Problem statement:
Wherever the listing holds a picture, leave it out, and copy the remainder exactly.

Extracted records:
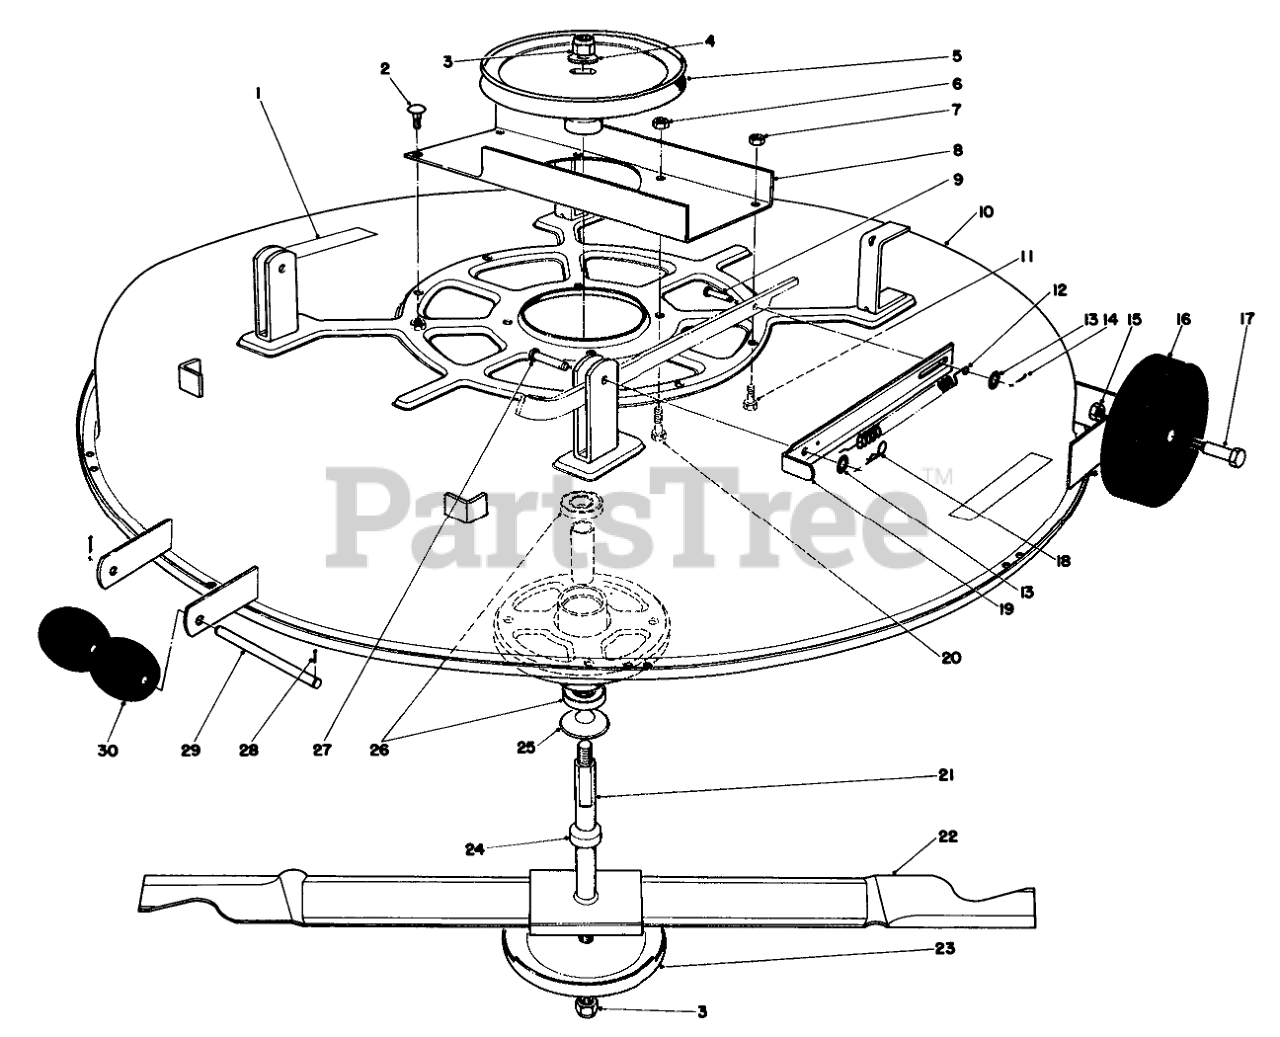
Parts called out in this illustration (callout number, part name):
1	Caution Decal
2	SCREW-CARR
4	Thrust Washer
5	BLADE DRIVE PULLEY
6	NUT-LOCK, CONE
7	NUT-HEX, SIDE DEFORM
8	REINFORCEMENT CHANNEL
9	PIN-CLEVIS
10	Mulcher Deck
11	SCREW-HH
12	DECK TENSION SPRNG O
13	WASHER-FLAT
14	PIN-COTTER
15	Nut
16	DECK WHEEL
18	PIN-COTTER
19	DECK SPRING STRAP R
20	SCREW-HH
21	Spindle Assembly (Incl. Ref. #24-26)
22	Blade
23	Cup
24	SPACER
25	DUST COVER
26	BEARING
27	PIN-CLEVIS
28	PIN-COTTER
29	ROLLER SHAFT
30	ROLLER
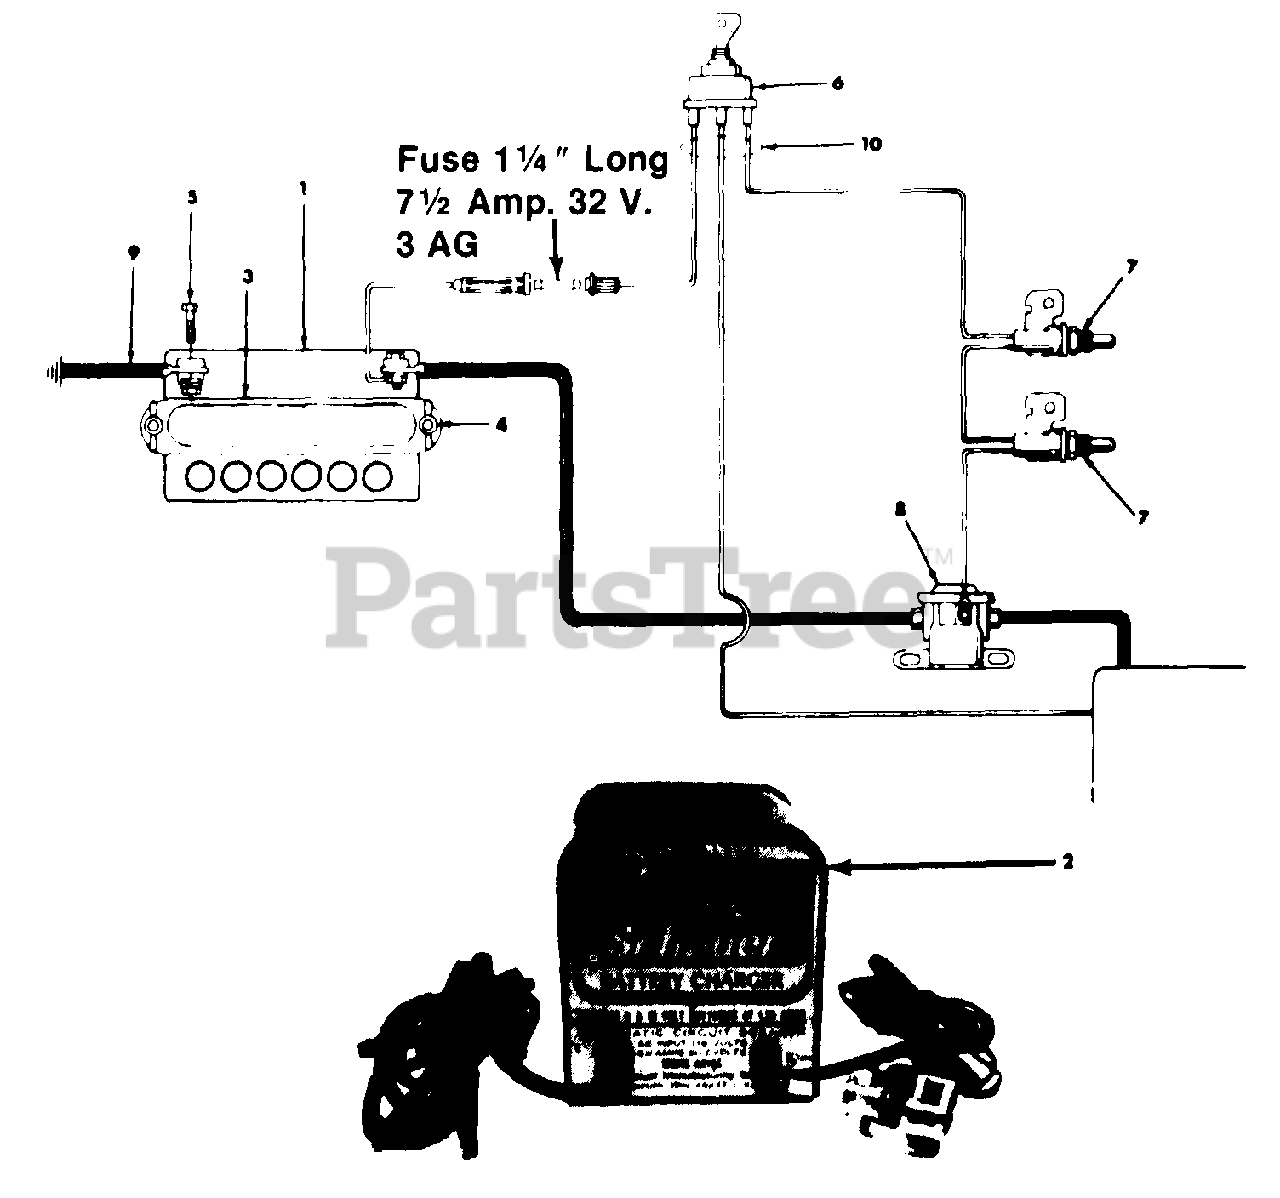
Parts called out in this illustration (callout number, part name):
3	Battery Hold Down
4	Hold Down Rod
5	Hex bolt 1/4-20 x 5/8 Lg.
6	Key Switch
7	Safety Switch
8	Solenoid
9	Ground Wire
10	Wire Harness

Finished task:
Parts called out in this illustration (callout number, part name):
1	Caution Decal
2	SCREW-CARR
4	Thrust Washer
5	BLADE DRIVE PULLEY
6	NUT-LOCK, CONE
7	NUT-HEX, SIDE DEFORM
8	REINFORCEMENT CHANNEL
9	PIN-CLEVIS
10	Mulcher Deck
11	SCREW-HH
12	DECK TENSION SPRNG O
13	WASHER-FLAT
14	PIN-COTTER
15	Nut
16	DECK WHEEL
18	PIN-COTTER
19	DECK SPRING STRAP R
20	SCREW-HH
21	Spindle Assembly (Incl. Ref. #24-26)
22	Blade
23	Cup
24	SPACER
25	DUST COVER
26	BEARING
27	PIN-CLEVIS
28	PIN-COTTER
29	ROLLER SHAFT
30	ROLLER
Parts called out in this illustration (callout number, part name):
3	Battery Hold Down
4	Hold Down Rod
5	Hex bolt 1/4-20 x 5/8 Lg.
6	Key Switch
7	Safety Switch
8	Solenoid
9	Ground Wire
10	Wire Harness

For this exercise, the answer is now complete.